### Work order:
Which lines in the records below contain the word "points"? Report each of them.

_ _ _ _

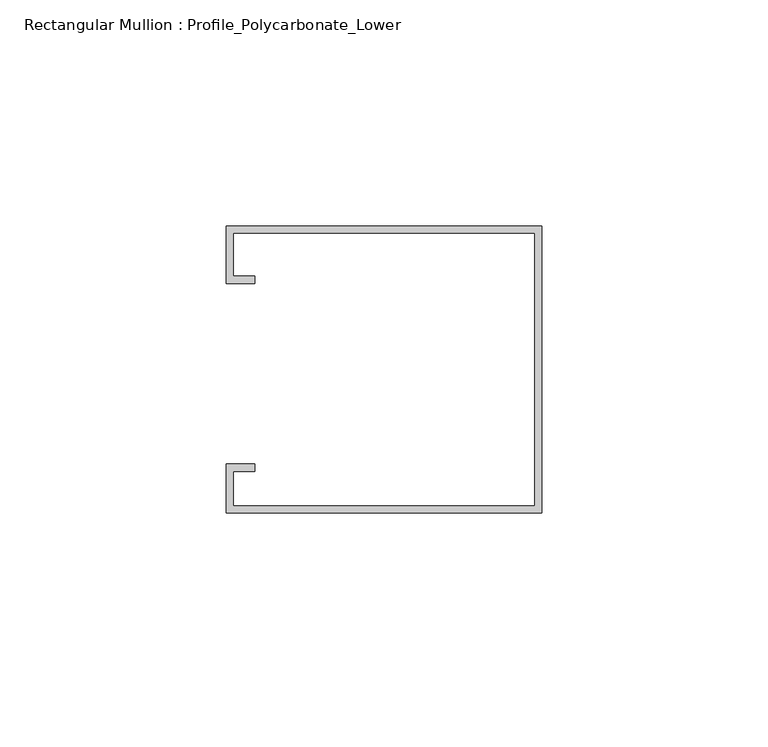
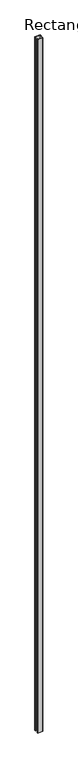
"""IFC4 building model written with IfcOpenShell, lengths in millimetres: member geometry, Rectangular Mullion : Profile_Polycarbonate_Lower."""

import ifcopenshell
import ifcopenshell.guid

model = None  # the IFC model being written
_history = None  # IfcOwnerHistory: only IFC2X3 demands one
_inside = {}  # id of a spatial element -> (the spatial element, [elements in it])
_under = {}  # id of a project, library or spatial element -> (it, [spatial elements below it])
_declared = {}  # id of a project -> (the project, [libraries it declares])
_typed = {}  # id of a type object -> (the type object, [elements of that type])
_made_of = {}  # id of a material, layer set ... -> (it, [elements and type objects made of it])


def new_model(schema):
    """Start an empty IFC model of exactly this schema.

    Asked for "IFC4X3", IfcOpenShell would pick the latest addendum, in which some entities
    have other attributes; the version numbers below select the first issue.
    IFC2X3 requires an IfcOwnerHistory on every rooted entity: one is made here for all.
    """
    global model, _history
    if schema == "IFC4X3":
        model = ifcopenshell.file(schema_version=(4, 3, 0, 0))
    else:
        model = ifcopenshell.file(schema=schema)
    _inside.clear()
    _under.clear()
    _declared.clear()
    _typed.clear()
    _made_of.clear()
    _history = None
    if model.schema == "IFC2X3":
        org = make("IfcOrganization", Name="unknown")
        user = make(
            "IfcPersonAndOrganization",
            ThePerson=make("IfcPerson", FamilyName="unknown"),
            TheOrganization=org,
        )
        app = make(
            "IfcApplication",
            ApplicationDeveloper=org,
            Version="unknown",
            ApplicationFullName="unknown",
            ApplicationIdentifier="unknown",
        )
        _history = make(
            "IfcOwnerHistory",
            OwningUser=user,
            OwningApplication=app,
            ChangeAction="ADDED",
            CreationDate=0,
        )
    return model


def make(cls, **values):
    """One entity of the class cls with the attributes given. An attribute that is None is left unset."""
    return model.create_entity(
        cls, **{name: value for name, value in values.items() if value is not None}
    )


def rooted(cls, **values):
    """An entity with a GlobalId (a new one), such as an element, a storey or a relation."""
    return make(cls, GlobalId=ifcopenshell.guid.new(), OwnerHistory=_history, **values)


def si_unit(unit_type, name, prefix=None):
    """IfcSIUnit, for example si_unit("LENGTHUNIT", "METRE", prefix="MILLI")."""
    return make("IfcSIUnit", UnitType=unit_type, Prefix=prefix, Name=name)


def assignment(units):
    """IfcUnitAssignment: the units of a project."""
    return None if units is None else make("IfcUnitAssignment", Units=units)


def point(xyz):
    """IfcCartesianPoint."""
    return None if xyz is None else make("IfcCartesianPoint", Coordinates=xyz)


def direction(xyz):
    """IfcDirection."""
    return None if xyz is None else make("IfcDirection", DirectionRatios=xyz)


def frame(location, z_axis=None, x_axis=None):
    """IfcAxis2Placement3D, a coordinate frame: its origin and axes. An axis left out is left unset."""
    return make(
        "IfcAxis2Placement3D",
        Location=point(location),
        Axis=direction(z_axis),
        RefDirection=direction(x_axis),
    )


def origin():
    """The frame at (0, 0, 0) with its axes left unset."""
    return frame((0.0, 0.0, 0.0))


def place(relative_to, where):
    """IfcLocalPlacement: puts the frame where relative to a parent placement (None: the world)."""
    return make(
        "IfcLocalPlacement", PlacementRelTo=relative_to, RelativePlacement=where
    )


def context(
    kind, dimensions, precision=None, world=None, true_north=None, identifier=None
):
    """IfcGeometricRepresentationContext, for example the 3D "Model" context."""
    return make(
        "IfcGeometricRepresentationContext",
        ContextIdentifier=identifier,
        ContextType=kind,
        CoordinateSpaceDimension=dimensions,
        Precision=precision,
        WorldCoordinateSystem=world,
        TrueNorth=true_north,
    )


def project(units=None, contexts=None):
    """IfcProject with its units and contexts."""
    return rooted(
        "IfcProject",
        Name="project",
        RepresentationContexts=contexts,
        UnitsInContext=assignment(units),
    )


def spatial(cls, under=None, at=None, **own):
    """A site, building, storey or space (cls), placed at a placement, below another one or the project."""
    s = rooted(cls, ObjectPlacement=at, **own)
    if under is not None:
        _under.setdefault(under.id(), (under, []))[1].append(s)
    return s


def polyline(points):
    """IfcPolyline through the points."""
    return make("IfcPolyline", Points=[point(p) for p in points])


def outline(outer, holes=None, kind="AREA"):
    """IfcArbitraryClosedProfileDef: a profile drawn as a closed curve; with holes, ...WithVoids."""
    if holes is None:
        return make("IfcArbitraryClosedProfileDef", ProfileType=kind, OuterCurve=outer)
    return make(
        "IfcArbitraryProfileDefWithVoids",
        ProfileType=kind,
        OuterCurve=outer,
        InnerCurves=holes,
    )


def extrude(swept, where, along, depth):
    """IfcExtrudedAreaSolid: the profile swept, set in the frame where, extruded along a direction by depth."""
    return make(
        "IfcExtrudedAreaSolid",
        SweptArea=swept,
        Position=where,
        ExtrudedDirection=direction(along),
        Depth=depth,
    )


def shape(context_of_items, identifier, shape_type, items):
    """IfcShapeRepresentation: the items that make up one representation, for example the "Body"."""
    return make(
        "IfcShapeRepresentation",
        ContextOfItems=context_of_items,
        RepresentationIdentifier=identifier,
        RepresentationType=shape_type,
        Items=items,
    )


def source(mapping_origin, context_of_items, identifier, shape_type, items):
    """IfcRepresentationMap: a shape defined once, which mapped items show again and again."""
    return make(
        "IfcRepresentationMap",
        MappingOrigin=mapping_origin,
        MappedRepresentation=shape(context_of_items, identifier, shape_type, items),
    )


def transform(
    local_origin,
    x_axis=None,
    y_axis=None,
    z_axis=None,
    scale=None,
    scale2=None,
    scale3=None,
    uniform=True,
):
    """IfcCartesianTransformationOperator3D, or its non-uniform kind. x_axis, y_axis, z_axis: its Axis1, 2, 3."""
    if uniform:
        return make(
            "IfcCartesianTransformationOperator3D",
            Axis1=direction(x_axis),
            Axis2=direction(y_axis),
            LocalOrigin=point(local_origin),
            Scale=scale,
            Axis3=direction(z_axis),
        )
    return make(
        "IfcCartesianTransformationOperator3DnonUniform",
        Axis1=direction(x_axis),
        Axis2=direction(y_axis),
        LocalOrigin=point(local_origin),
        Scale=scale,
        Axis3=direction(z_axis),
        Scale2=scale2,
        Scale3=scale3,
    )


def mapped(mapping_source, mapping_target):
    """IfcMappedItem: shows the shape of a source again, moved by a transform."""
    return make(
        "IfcMappedItem", MappingSource=mapping_source, MappingTarget=mapping_target
    )


def made_of(thing, what):
    """Note that an element or type object is made of a material, layer set ...; save() writes the relation."""
    if what is not None:
        _made_of.setdefault(what.id(), (what, []))[1].append(thing)
    return thing


def element(
    cls,
    number,
    at=None,
    inside=None,
    cuts=None,
    type_object=None,
    material=None,
    context=None,
    identifier="Body",
    shape_type=None,
    held_by="IfcProductDefinitionShape",
    body=None,
    shapes=None,
    **own,
):
    """One element of the class cls, such as IfcWall. Its Tag is "e" and its number.

    at: its placement. inside: the storey or other place that contains it. cuts: it is an
    opening in that element (IfcRelVoidsElement). A single representation is given by context,
    identifier, shape_type and body (its items); several are given by shapes. held_by: the class
    of the entity that holds the representations. save() writes the other relations.
    """
    e = rooted(cls, Tag="e%d" % number, ObjectPlacement=at, **own)
    if body is not None:
        shapes = [shape(context, identifier, shape_type, body)]
    if shapes is not None:
        e.Representation = make(held_by, Representations=shapes)
    if inside is not None:
        _inside.setdefault(inside.id(), (inside, []))[1].append(e)
    if cuts is not None:
        rooted(
            "IfcRelVoidsElement", RelatingBuildingElement=cuts, RelatedOpeningElement=e
        )
    if type_object is not None:
        _typed.setdefault(type_object.id(), (type_object, []))[1].append(e)
    return made_of(e, material)


def aggregate(whole, parts):
    """IfcRelAggregates: a whole, such as a stair, and the parts it consists of."""
    return rooted("IfcRelAggregates", RelatingObject=whole, RelatedObjects=parts)


def save(model, path):
    """Write the relations noted so far, then the file.

    IfcRelAggregates (storeys below a building ...), IfcRelContainedInSpatialStructure (elements
    in a storey), IfcRelDefinesByType, IfcRelAssociatesMaterial and IfcRelDeclares: one each for
    every whole, place, type object, material and project.
    """
    for whole, parts in _under.values():
        aggregate(whole, parts)
    for where, things in _inside.values():
        rooted(
            "IfcRelContainedInSpatialStructure",
            RelatedElements=things,
            RelatingStructure=where,
        )
    for kind, things in _typed.values():
        rooted("IfcRelDefinesByType", RelatedObjects=things, RelatingType=kind)
    for what, things in _made_of.values():
        rooted("IfcRelAssociatesMaterial", RelatedObjects=things, RelatingMaterial=what)
    for by, libraries in _declared.values():
        rooted("IfcRelDeclares", RelatingContext=by, RelatedDefinitions=libraries)
    model.write(path)


def rectangular_mullion_profile_polycarbonate_lower_4c106b6d(model_context):
    return source(origin(), model_context, "Body", "SweptSolid", [
        extrude(outline(polyline([(0.0, 32.7), (0.0, -30.8), (-69.85, -30.8), (-69.85, -20.0), (-63.5, -20.0), (-63.5, -21.5875), (-68.2625, -21.5875), (-68.2625, -29.2125), (-1.5875, -29.2125), (-1.5875, 31.1125), (-68.2625, 31.1125), (-68.2625, 21.5875), (-63.5, 21.5875), (-63.5, 20.0), (-69.85, 20.0), (-69.85, 32.7), (0.0, 32.7)])), frame((0.0, 0.0, -9907.5875), z_axis=(0.0, 0.0, 1.0), x_axis=(1.0, 0.0, 0.0)), (0.0, 0.0, 1.0), 9907.5875),
    ])


if __name__ == "__main__":
    model = new_model("IFC4")
    model_context = context("Model", 3, world=origin())
    ifc_project = project(units=[si_unit("LENGTHUNIT", "METRE", prefix="MILLI")], contexts=[model_context])
    site = spatial("IfcSite", under=ifc_project)
    building = spatial("IfcBuilding", under=site)
    placement = place(None, origin())
    rectangular_mullion_profile_polycarbonate_lower_shape = rectangular_mullion_profile_polycarbonate_lower_4c106b6d(model_context)
    element("IfcMember", 1, ObjectType="Rectangular Mullion : Profile_Polycarbonate_Lower", at=placement, inside=building, context=model_context, shape_type="MappedRepresentation", body=[
        mapped(rectangular_mullion_profile_polycarbonate_lower_shape, transform((0.0, 0.0, 0.0), x_axis=(1.0, 0.0, 0.0), y_axis=(0.0, 1.0, 0.0), z_axis=(0.0, 0.0, 1.0))),
    ])
    save(model, "model.ifc")

# Revit data of these elements
# Project information
#   Project Issue Date = "07/20/2015"
#   Project Status = "Project Status"
#   Client Name = "Xcel"
#   Project Address = "Enter address here"
#   Project Name = "Xcel Sports Complex"
#   Project Number = "Project Number"
# Type "Rectangular Mullion : Profile_Polycarbonate_Lower"
#   built-in parameter 1007322 = 0.208333 (stored number, unit not read)
#   built-in parameter 1007321 = 0 (stored number, unit not read)
#   built-in parameter 1007320 = 0.00520833 (stored number, unit not read)

_ _ _ _

### The answer:
def polyline(points):
    """IfcPolyline through the points."""
    return make("IfcPolyline", Points=[point(p) for p in points])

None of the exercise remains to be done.